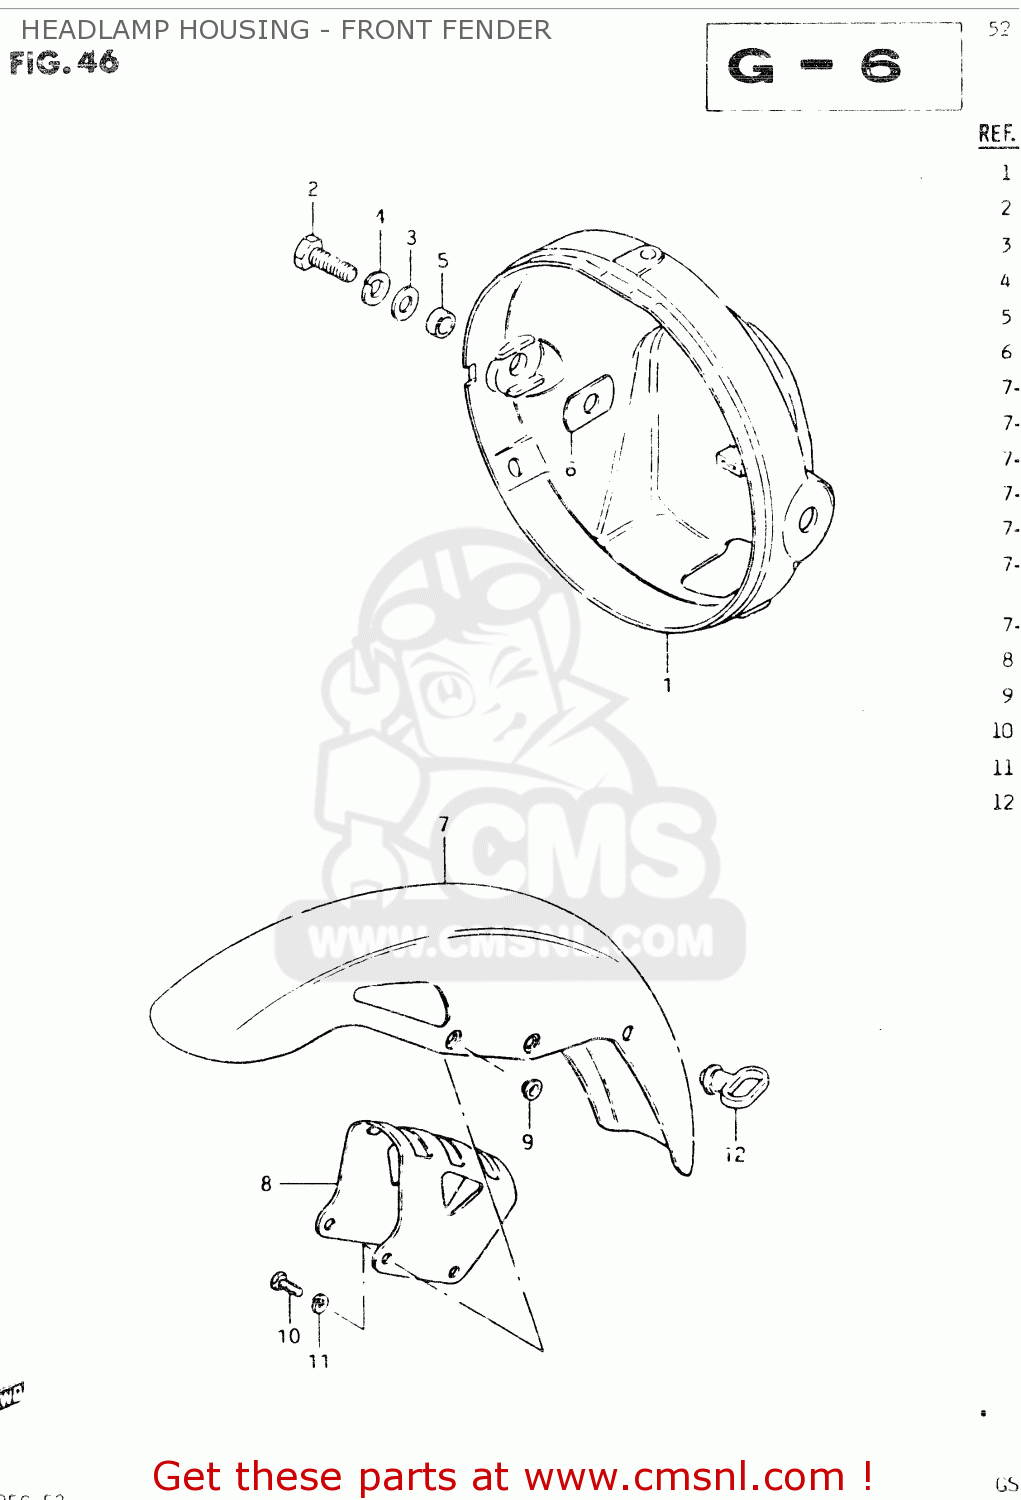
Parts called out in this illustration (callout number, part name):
1	HOUSING,HEADLAMP
2	BOLT
3	WASHER
4	LOCK WASHER
5	SPACER (8.8X12X7)
6	CUSHION
7	FENDER,FR
8	BRACE,FRONT FENDER
9	WASHER
10	BOLT
11	LOCK WASHER
12	GUIDE,CABLE

# [Task description]
With pictures excluded, the data must be transcribed in full and to the letter.

# [Solved problem]
Parts called out in this illustration (callout number, part name):
1	HOUSING,HEADLAMP
2	BOLT
3	WASHER
4	LOCK WASHER
5	SPACER (8.8X12X7)
6	CUSHION
7	FENDER,FR
8	BRACE,FRONT FENDER
9	WASHER
10	BOLT
11	LOCK WASHER
12	GUIDE,CABLE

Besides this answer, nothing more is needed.